Grand Lodge of Pennsylvania

New to the Collection: Mark Medal Engraved by John Bower

Poshardt mark side
Mark Medal Made for Conrad Poshardt, 1812. John Bower, Philadelphia, Pennsylvania. Special Acquisitions Fund, 2022.068.3. Photo courtesy of Stack's Bowers Galleries, Inc.

Recently the Scottish Rite Masonic Museum & Library added an intriguing mark medal from Pennsylvania to its collection. Along with the name of its owner, Conrad Poshardt, this keystone-shaped badge is inscribed with the name of the craftsman who engraved it, John Bower.
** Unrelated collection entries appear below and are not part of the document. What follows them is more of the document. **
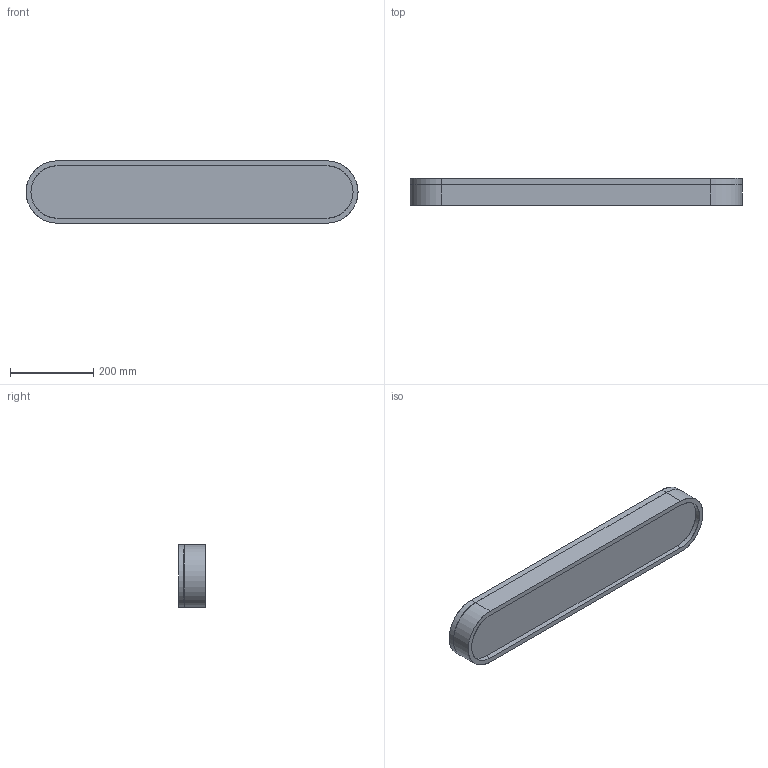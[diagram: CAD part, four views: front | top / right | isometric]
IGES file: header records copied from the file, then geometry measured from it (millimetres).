
Start section: SolidWorks IGES file using analytic representation for surfaces
Global section: file name: F:\燠隴矨\3D\2026-1\Strata Vein Linear Ceiling Light-L80cm.IGS,15; native system: HSolidWorks 2022; preprocessor: SolidWorks 2022; author: MyPC; date: 260126.140527; units: millimetre
Bounding box: 800 x 65 x 150 mm (x, y, z)
Surface area: 619029.2 mm2 (no closed solid volume)
Topology: 0 solids, 0 shells, 22 faces, 592 edges, 592 vertices
Faces by surface type: bspline 14, revolution 8
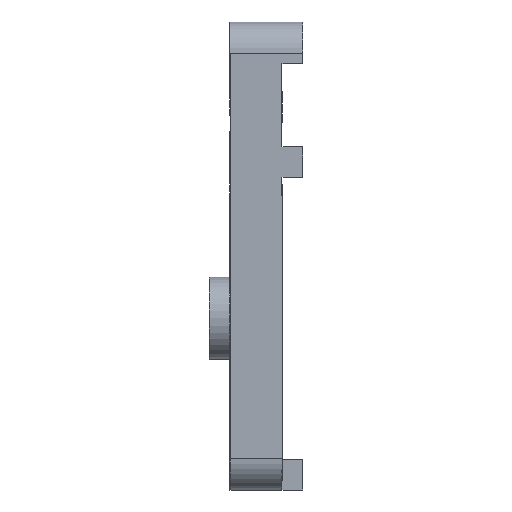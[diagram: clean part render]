
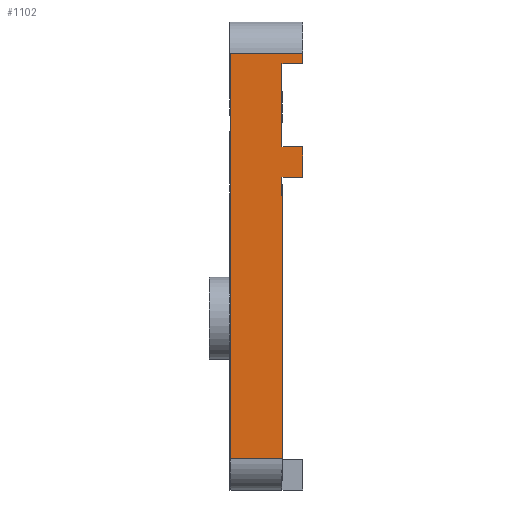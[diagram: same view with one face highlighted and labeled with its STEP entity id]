
A CAD part, left-side view. The second image highlights one B-rep face of the part: STEP entity #1102.
In plain terms, the highlighted planar face has unit normal (-1, 0, 0).
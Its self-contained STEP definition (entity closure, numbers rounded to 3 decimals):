
#39=PLANE('',#1192);
#84=FACE_OUTER_BOUND('',#153,.T.);
#153=EDGE_LOOP('',(#792,#793,#794,#795,#796,#797,#798,#799,#800,#801));
#229=LINE('',#1599,#350);
#231=LINE('',#1605,#352);
#238=LINE('',#1642,#359);
#239=LINE('',#1644,#360);
#240=LINE('',#1646,#361);
#241=LINE('',#1648,#362);
#242=LINE('',#1650,#363);
#243=LINE('',#1652,#364);
#244=LINE('',#1654,#365);
#245=LINE('',#1655,#366);
#350=VECTOR('',#1280,10.);
#352=VECTOR('',#1286,10.);
#359=VECTOR('',#1319,10.);
#360=VECTOR('',#1320,10.);
#361=VECTOR('',#1321,10.);
#362=VECTOR('',#1322,10.);
#363=VECTOR('',#1323,10.);
#364=VECTOR('',#1324,10.);
#365=VECTOR('',#1325,10.);
#366=VECTOR('',#1326,10.);
#508=VERTEX_POINT('',#1596);
#509=VERTEX_POINT('',#1598);
#511=VERTEX_POINT('',#1604);
#528=VERTEX_POINT('',#1641);
#529=VERTEX_POINT('',#1643);
#530=VERTEX_POINT('',#1645);
#531=VERTEX_POINT('',#1647);
#532=VERTEX_POINT('',#1649);
#533=VERTEX_POINT('',#1651);
#534=VERTEX_POINT('',#1653);
#612=EDGE_CURVE('',#508,#509,#229,.T.);
#615=EDGE_CURVE('',#509,#511,#231,.T.);
#634=EDGE_CURVE('',#508,#528,#238,.T.);
#635=EDGE_CURVE('',#528,#529,#239,.T.);
#636=EDGE_CURVE('',#530,#529,#240,.T.);
#637=EDGE_CURVE('',#531,#530,#241,.T.);
#638=EDGE_CURVE('',#531,#532,#242,.T.);
#639=EDGE_CURVE('',#532,#533,#243,.T.);
#640=EDGE_CURVE('',#534,#533,#244,.T.);
#641=EDGE_CURVE('',#511,#534,#245,.T.);
#792=ORIENTED_EDGE('',*,*,#612,.F.);
#793=ORIENTED_EDGE('',*,*,#634,.T.);
#794=ORIENTED_EDGE('',*,*,#635,.T.);
#795=ORIENTED_EDGE('',*,*,#636,.F.);
#796=ORIENTED_EDGE('',*,*,#637,.F.);
#797=ORIENTED_EDGE('',*,*,#638,.T.);
#798=ORIENTED_EDGE('',*,*,#639,.T.);
#799=ORIENTED_EDGE('',*,*,#640,.F.);
#800=ORIENTED_EDGE('',*,*,#641,.F.);
#801=ORIENTED_EDGE('',*,*,#615,.F.);
#1102=ADVANCED_FACE('',(#84),#39,.T.);
#1192=AXIS2_PLACEMENT_3D('',#1640,#1317,#1318);
#1280=DIRECTION('',(0.,1.,0.));
#1286=DIRECTION('',(0.,0.,1.));
#1317=DIRECTION('center_axis',(-1.,0.,0.));
#1318=DIRECTION('ref_axis',(0.,0.,-1.));
#1319=DIRECTION('',(0.,0.,1.));
#1320=DIRECTION('',(0.,-1.,0.));
#1321=DIRECTION('',(0.,0.,-1.));
#1322=DIRECTION('',(0.,-1.,0.));
#1323=DIRECTION('',(0.,0.,1.));
#1324=DIRECTION('',(0.,-1.,0.));
#1325=DIRECTION('',(0.,0.,-1.));
#1326=DIRECTION('',(0.,-1.,0.));
#1596=CARTESIAN_POINT('',(-40.936,45.68,24.6));
#1598=CARTESIAN_POINT('',(-40.936,50.68,24.6));
#1599=CARTESIAN_POINT('',(-40.936,48.18,24.6));
#1604=CARTESIAN_POINT('',(-40.936,50.68,63.6));
#1605=CARTESIAN_POINT('',(-40.936,50.68,21.6));
#1640=CARTESIAN_POINT('Origin',(-40.936,50.68,64.6));
#1641=CARTESIAN_POINT('',(-40.936,45.68,51.65));
#1642=CARTESIAN_POINT('',(-40.936,45.68,53.85));
#1643=CARTESIAN_POINT('',(-40.936,43.68,51.65));
#1644=CARTESIAN_POINT('',(-40.936,45.68,51.65));
#1645=CARTESIAN_POINT('',(-40.936,43.68,54.6));
#1646=CARTESIAN_POINT('',(-40.936,43.68,51.65));
#1647=CARTESIAN_POINT('',(-40.936,45.68,54.6));
#1648=CARTESIAN_POINT('',(-40.936,45.68,54.6));
#1649=CARTESIAN_POINT('',(-40.936,45.68,62.6));
#1650=CARTESIAN_POINT('',(-40.936,45.68,53.85));
#1651=CARTESIAN_POINT('',(-40.936,43.68,62.6));
#1652=CARTESIAN_POINT('',(-40.936,45.68,62.6));
#1653=CARTESIAN_POINT('',(-40.936,43.68,63.6));
#1654=CARTESIAN_POINT('',(-40.936,43.68,66.6));
#1655=CARTESIAN_POINT('',(-40.936,50.68,63.6));
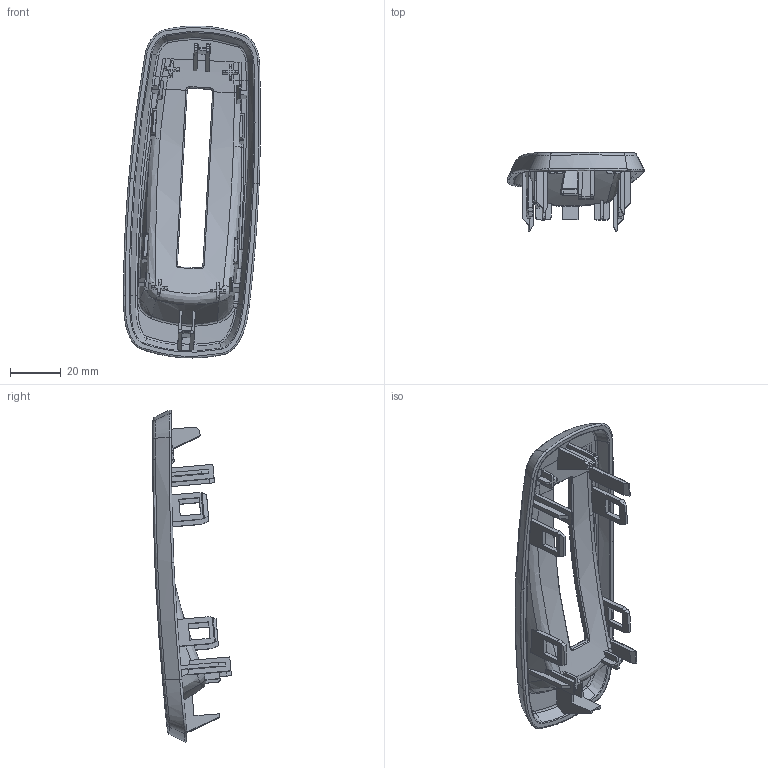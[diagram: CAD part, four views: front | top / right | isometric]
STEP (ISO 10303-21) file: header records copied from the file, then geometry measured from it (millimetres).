
FILE_DESCRIPTION(('CATIA V5 STEP Exchange','CAx-IF Rec.Pracs.--- Model Styling and Organization---1.4--- 2014-01-23'),'2;1');
FILE_NAME('C:\Users\luhaitao\Desktop\靠背一键放倒功能\第四次样件\SHT0016876.stp','2025-10-29T01:02:59+00:00',('none'),('none'),'CATIA Version 5-6 Release 2017','CATIA V5 STEP AP214','none');
FILE_SCHEMA(('AUTOMOTIVE_DESIGN { 1 0 10303 214 1 1 1 1 }'));
Length unit declared in the file: millimetre
Products named in the file (1): SHT0016876-002
Bounding box: 53.72 x 30.89 x 130.2 mm (x, y, z)
Volume: 20667.1 mm3; surface area: 19669.2 mm2
Topology: 1 solids, 1 shells, 383 faces, 1158 edges, 774 vertices
Faces by surface type: plane 170, bspline 169, cylinder 42, sphere 2
Entity records: 23968 total; most frequent: CARTESIAN_POINT 15831, ORIENTED_EDGE 2314, EDGE_CURVE 1157, VERTEX_POINT 774, DIRECTION 744, B_SPLINE_CURVE_WITH_KNOTS 685, EDGE_LOOP 391, ADVANCED_FACE 383
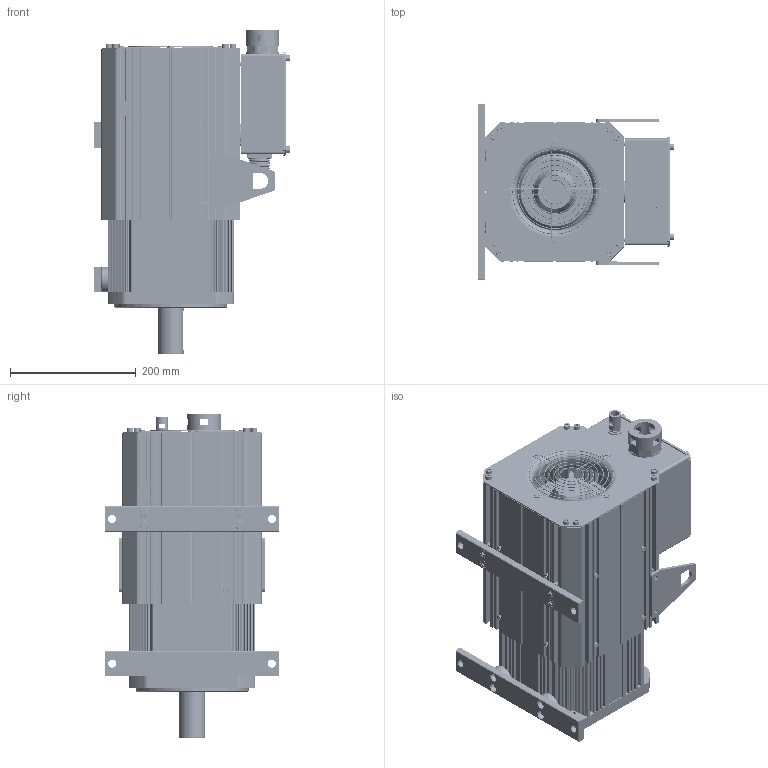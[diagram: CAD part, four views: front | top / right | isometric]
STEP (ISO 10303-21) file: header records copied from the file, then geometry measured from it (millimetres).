
FILE_DESCRIPTION((''),'2;1');
FILE_NAME('K058F18C18P_ASM','2023-05-23T14:01:35',('admin'),(''),'CREO PARAMETRIC BY PTC INC, 2019080','CREO PARAMETRIC BY PTC INC, 2019080','');
FILE_SCHEMA(('CONFIG_CONTROL_DESIGN'));
Products named in the file (44): QDG_10600-00001; ZZ_12400-01002_11KW; ZC_30400-00001; ZC_30400-01002; ZCZDQ_11200-00001; ZZZJ_80500-01002_11KW_ASM; O-RING_50000-01002; JK_10200-44045_11KW; DZZJ_80200-08009_11KW_ASM; FDB_12900-64065_11KW; DEGDT_11500-02003; DE_11300-00001; O-RING_50000-02003; YXHQ_20300-00001; O-RING_50000-03004; JXHT_41000-09010; JXHG_41000-00001; JXHGDK_11600-04005; M6X10; XJD_50800-11012; AD13_1; AD42P5_3; MFD_YD28-15P; HKXZ_YD28-15P_40100-00001; PDLD_4X12; JXHZJ_81100-00002_ASM; M5X25; HDG_21200-00001; M8X30; HGB_21600-00001; M4X10; FJ_40000-03004; FJFHB_11100-02003; FHW_30500-00001; PDQ_4; MD_4; FJFHBZZ_ASM; QZCJ_10400-15016; DK_12800-32033; HZCJ_10400-16017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
Assembly tree (102 placements, depth 3):
  K058F18C18P_ASM
    QDG_10600-00001
    ZZZJ_80500-01002_11KW_ASM
      ZZ_12400-01002_11KW
      ZC_30400-00001
      ZC_30400-01002
      ZCZDQ_11200-00001
    O-RING_50000-01002
    DZZJ_80200-08009_11KW_ASM
      JK_10200-44045_11KW
    FDB_12900-64065_11KW
    DEGDT_11500-02003  x2
    DE_11300-00001  x2
    O-RING_50000-02003
    YXHQ_20300-00001
    O-RING_50000-03004
    JXHZJ_81100-00002_ASM
      JXHT_41000-09010
      JXHG_41000-00001
      JXHGDK_11600-04005  x4
      M6X10  x8
      XJD_50800-11012
      AD13_1
      AD42P5_3
      MFD_YD28-15P
      HKXZ_YD28-15P_40100-00001
      PDLD_4X12  x4
    M5X25  x16
    HDG_21200-00001
    M8X30  x8
    HGB_21600-00001
    M4X10  x4
    FJ_40000-03004
    FJFHBZZ_ASM
      FJFHB_11100-02003
      FHW_30500-00001
      PDQ_4  x4
      MD_4  x4
    M6X10  x8
    ZCJZJ_22300-00007_11KW_ASM
      QZCJ_10400-15016
      DK_12800-32033  x2
      HZCJ_10400-16017
      GDK_11600-09010  x2
      M8X16  x4
Bounding box: 312.35 x 278 x 515.8 mm (x, y, z)
Volume: 7022673 mm3; surface area: 2488240.8 mm2
Topology: 111 solids, 115 shells, 5356 faces, 14217 edges, 9273 vertices
Faces by surface type: plane 2660, cylinder 2108, cone 241, torus 213, bspline 116, sphere 18
Entity records: 147081 total; most frequent: CARTESIAN_POINT 33046, DIRECTION 24204, ORIENTED_EDGE 23690, EDGE_CURVE 11853, AXIS2_PLACEMENT_3D 8496, VERTEX_POINT 7806, VECTOR 7212, LINE 7212

In April 1810 Bower advertised his services in the Democratic Press of Philadelphia, noting that he undertook his business as an engraver “in all its various branches, with neatness and dispatch” at “No. 80 North Fourth, near Race street.” A few months later, in November, he informed the paper’s readers that he had changed the location of his business with this announcement: “John Bower, engraver, has removed to No. 1, Sterling Alley, where the above business is carried on….” Sterling Alley was just a block or so from his previous address. City directories list John Bower as an engraver at these and other addresses in the same neighborhood from 1810 through 1819. In 1810 census takers recorded a Philadelphia resident named John Bower working as an engraver with a family of 3 at two locations in August and again in October, likely reflecting Bower’s change of address during the year.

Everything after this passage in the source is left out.